Regular acne, also called acne vulgaris, is mainly caused by bacteria, oil production and genetics. They are relatively similar conditions and there is often overlap, therefore it can be helpful to try out some of the strategies for PCOS acne to see if they help you.

It typically appears as whiteheads, blackheads, and sometimes inflamed bumps. Breakouts most often occur in the T-zone (forehead, nose, and chin) but can also appear on the cheeks, back, chest, and shoulders.
The way your acne presents can often vary depending on what is causing it, for example:
- Some teenagers start to get blackheads as puberty causes them to produce more oil and they don’t yet have a skincare routine. In this case, a skincare routine can often solve the entire problem.
- A woman in her mid 20s may randomly start to get hormonal acne because her situation changes a lot: maybe she’s in a stressful relationship and/or tries a new form of contraception that doesn’t agree with her.
- A woman in her 30s might suddenly have a lot of clogged pores because of a new product she’s using, but because she has always had clear skin she doesn’t suspect the new product. Her clogged pores can even become inflamed and so she sees a doctor for acne medication, even though it’s literally just the product!
What is the difference between hormonal acne and regular acne?
Cause
The root cause of each type of acne is different. Acne from PCOS, a hormone disorder, obviously comes from internal hormone imbalances. Regular acne can comes from dirt, debris, and bacteria – external sources. Essentially, one is internal, while the other is external. It can also be a mixture of both as acne is notoriously multi factorial.

This isn’t to say that someone with hormonal acne can’t also experience non-hormonal (regular) acne at the same time, and vice versa. Lots of people have a mixture of causes for the breakouts they’re experiencing such as:
- Genetics mean they are more prone to acne generally
- Their hormones are not as optimal as they could be
- One of their skincare products is not agreeing with them
- Perhaps their diet is low in fibre and protein which is causing them minor insulin resistance
- Maybe they tried a new supplement that is also breaking them out
Appearance
Hormonal acne shows up as deep, inflamed pimples. These breakouts are usually pretty painful, and they can even turn into cystic acne.
Regular acne isn’t usually painful. The pimples are small, superficial bumps, like whiteheads and flesh-colored bumps (closed comedones), as well as blackheads (open comedones).
Location
The U-pattern acne is on the jawline, chin, and lower cheeks. This is the shape of hormonal acne.
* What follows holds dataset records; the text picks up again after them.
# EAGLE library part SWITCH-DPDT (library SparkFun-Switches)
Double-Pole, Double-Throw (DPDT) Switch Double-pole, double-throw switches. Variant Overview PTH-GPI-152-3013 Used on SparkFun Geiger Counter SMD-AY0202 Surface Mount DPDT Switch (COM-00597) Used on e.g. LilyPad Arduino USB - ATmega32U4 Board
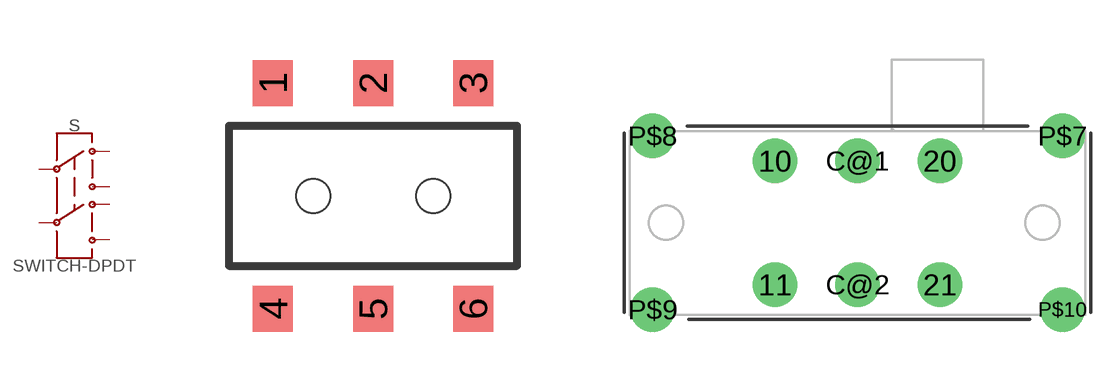
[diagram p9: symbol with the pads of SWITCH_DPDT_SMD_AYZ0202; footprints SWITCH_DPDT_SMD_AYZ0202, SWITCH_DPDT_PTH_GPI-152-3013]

Designator prefix S

## SWITCH-DPDT-SMD-AYZ0202 (PROD_ID: SWCH-08179; SF_SKU: COM-00597)  [SWITCH_DPDT_SMD_AYZ0202]
1  1
2  2
3  3
4  4
5  5
6  6

## SWITCH-DPDT-PTH-GPI-152-3013 (PROD_ID: SWCH-10554)  [SWITCH_DPDT_PTH_GPI-152-3013]
10  1
11  4
20  3
21  6
C@1  2
C@2  5

## SWITCH-DPDT-SMD-JS202011JCQN (PROD_ID: SWCH-14133)  [SWITCH_DPDT_SMD_JS202011JCQN]
1  1
2  2
3  3
4  6
5  5
6  4

## Footprint SWITCH_DPDT_SMD_AYZ0202 (pad centres in mm)
ITT Industries AYZ0202 DPDT Switch - SMD Double-pole, double-throw switches. Datasheet
smd 1 x 1.15: 1 -2.5,2.825; 2 0,2.825; 3 2.5,2.825; 4 -2.5,-2.825; 5 0,-2.825; 6 2.5,-2.825
hole 0.85 at 1.5,0
hole 0.85 at -1.5,0

## Footprint SWITCH_DPDT_PTH_GPI-152-3013 (pad centres in mm)
CW Industries GPI-152-3013 DPDT Switch - PTH Double-pole, double-throw switches. Dimensional Drawing
drill 1.65: 10 -4.6,3.455; 11 -4.6,-3.455; 20 4.6,3.455; 21 4.6,-3.455; C@1 0,3.455; C@2 0,-3.455; P$7 11.43,4.85; P$8 -11.43,4.85; P$9 -11.43,-4.85; P$10 11.43,-4.85

## Footprint SWITCH_DPDT_SMD_JS202011JCQN (pad centres in mm)
smd 1 x 1.6: 1 -2.5,-1.2; 2 0,-1.2; 3 2.5,-1.2; 4 2.5,1.2; 5 0,1.2; 6 -2.5,1.2
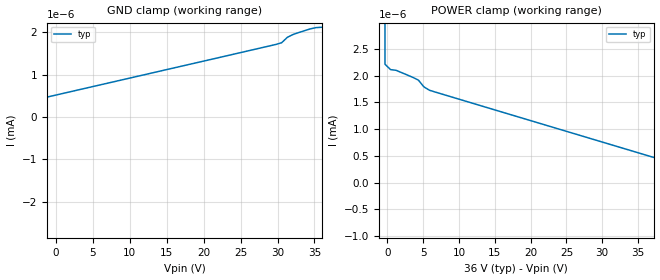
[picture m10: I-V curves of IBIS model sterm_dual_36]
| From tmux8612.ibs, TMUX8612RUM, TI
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| sterm_dual_36
[Model]   sterm_dual_36
Model_type   Terminator
|   typ   min   max
C_comp   6.362683e-12   NA   NA
[Voltage Range]   36   NA   NA
[Temperature Range]   27   NA   NA
[Power Clamp Reference]   36   NA   NA
[GND Clamp Reference]   0   NA   NA
[GND Clamp]
|   Voltage   I(typ)   I(min)   I(max)
-41V      -2.416A    NA         NA
-37.11V   -48.54mA   NA         NA
-36.33V   -2.01nA    NA         NA
-35.56V   -914.3pA   NA         NA
29.78V    1.715nA    NA         NA
30.56V    1.755nA    NA         NA
31.33V    1.884nA    NA         NA
32.11V    1.951nA    NA         NA
34.44V    2.083nA    NA         NA
36V       2.121nA    NA         NA
[POWER Clamp]
|   Voltage   I(typ)   I(min)   I(max)
-5V       1.055A     NA         NA
-1.111V   25.66mA    NA         NA
-333.3mV  2.217nA    NA         NA
444.4mV   2.116nA    NA         NA
1.222V    2.103nA    NA         NA
4.333V    1.919nA    NA         NA
5.111V    1.792nA    NA         NA
5.889V    1.729nA    NA         NA
72V       -932.4pA   NA         NA
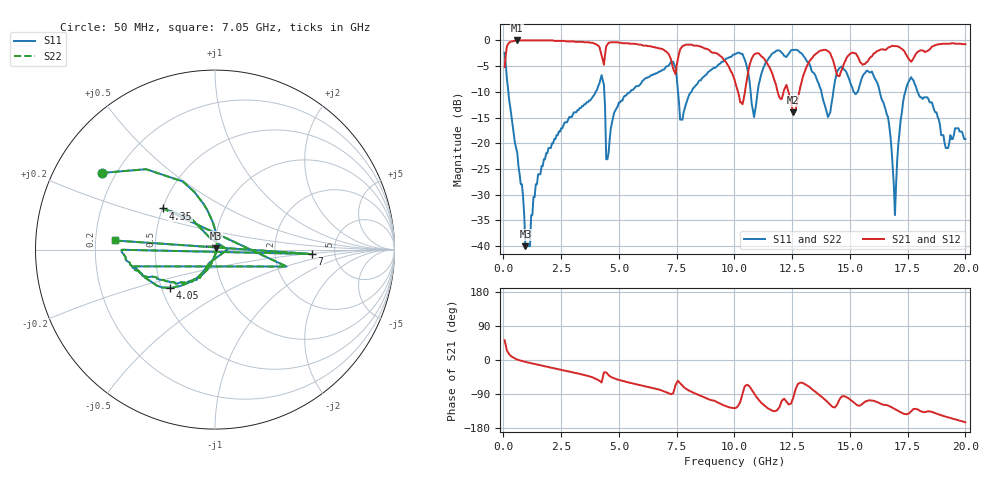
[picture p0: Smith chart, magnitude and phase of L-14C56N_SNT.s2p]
#	mhz	s	ma	r	50
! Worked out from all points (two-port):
!   400 points, 50 MHz to 20 GHz, reference 50 ohm
!   highest |S21| = 0.00 dB at 600 MHz (marker M1); lowest = -14.0 dB at 12.55 GHz (marker M2)
!   |S21| within 3 dB of the highest: 96.87 MHz to 4.258 GHz (4.161 GHz wide, 191 % of centre); 4.393 GHz to 7.19 GHz (2.797 GHz wide, 48.3 % of centre)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
!   lowest |S11| = -40.0 dB at 950 MHz (marker M3), VSWR 1.02, Z = 50.6 + j0.803 ohm
!   |S11| at or under -10 dB: 213.5 MHz to 3.991 GHz (3.777 GHz wide, 180 % of centre); 4.365 GHz to 5.481 GHz (1.116 GHz wide, 22.7 % of centre); 17.93 GHz to end of sweep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
!   |S22| runs from -40.0 to -1.8 dB; largest |S21 - S12| = 0
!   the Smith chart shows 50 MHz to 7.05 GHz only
!   S11 on the Smith chart (normalised r, x): 50 MHz: 0.15, +0.30; 4.05 GHz: 0.55, -0.26; 4.35 GHz: 0.50, +0.27; 7 GHz: 3.33, -0.23; 7.05 GHz: 0.28, +0.04
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50  0.76 145.8  0.55 52.1  0.55 52.1  0.76 145.8
600  0.08 83.1  1 1.2  1 1.2  0.08 83.1
950  0.01 52.5  1 -5.0  1 -5.0  0.01 52.5
3400  0.23 -127.7  0.97 -38.2  0.97 -38.2  0.23 -127.7
4050  0.33 -140.0  0.91 -50.8  0.91 -50.8  0.33 -140.0
4250  0.46 -168.3  0.72 -59.3  0.72 -59.3  0.46 -168.3
4300  0.41 -13.3  0.65 -45.9  0.65 -45.9  0.41 -13.3
4350  0.37 141.7  0.58 -32.5  0.58 -32.5  0.37 141.7
4500  0.07 -0.2  0.91 -36.3  0.91 -36.3  0.07 -0.2
6700  0.49 -172.2  0.84 -77.5  0.84 -77.5  0.49 -172.2
6950  0.52 -179.9  0.81 -82.3  0.81 -82.3  0.52 -179.9
7000  0.54 -2.6  0.79 -83.7  0.79 -83.7  0.54 -2.6
7050  0.56 174.8  0.78 -85.1  0.78 -85.1  0.56 174.8
7750  0.17 163.7  0.88 -68.4  0.88 -68.4  0.17 163.7
10050  0.74 125.4  0.38 -126.9  0.38 -126.9  0.74 125.4
10850  0.18 118.5  0.73 -87.8  0.73 -87.8  0.18 118.5
12550  0.81 87.2  0.2 -98.8  0.2 -98.8  0.81 87.2
13350  0.5 44.2  0.67 -76.7  0.67 -76.7  0.5 44.2
16700  0.15 -21.4  0.86 -121.5  0.86 -121.5  0.15 -21.4
16950  0.02 25.8  0.88 -129.7  0.88 -129.7  0.02 25.8
17650  0.44 55.1  0.62 -135.5  0.62 -135.5  0.44 55.1
20000  0.11 -87.1  0.92 -164.5  0.92 -164.5  0.11 -87.1

Regular acne, on the other hand, triggers breakouts in the T-zone. This is the forehead, nose, and upper cheeks. But as always, you can have both.
Duration
Since the causes of the acne are more circumstantial, regular acne usually resolves pretty quickly. This is especially true with proper skincare.
Hormonal acne lingers without much relief until the root issues are addressed. Most of the time, breakouts from hormonal changes won’t resolve themselves like regular acne does.
Treatment
Since the core issues of the acne types are somewhat different, they may require different treatment approaches.

For regular acne, ensure you have a strategic skincare routine for acne-prone skin. This will involve products with benzoyl peroxide that kill acne-causing bacteria and a topical retinoid, which helps keep pores clear.
Hormonal acne treatment is the above plus some lifestyle changes I listed about. A balanced diet, stress management, and great sleep go a long way.
However, even with hormonal acne, you want an intentional skincare routine. This can include double-cleansing, products with non-pore clogging ingredients, retinoids, and a lightweight moisturiser.
For more, read my guide on how to treat PCOS acne.
For more immediate relief, you may want to see a dermatologist about medication that could help: Spironolactone, birth control, accutane or WinLevi for example.
Hormonal acne and regular acne can both be treated, but require different approaches
Understanding the type of acne you have is key to effective treatment. Regular acne responds well to targeted skincare.
Hormonal acne requires addressing internal factors like hormones, insulin resistance, and inflammation. Treating each appropriately increases your chances of clearer, healthier skin.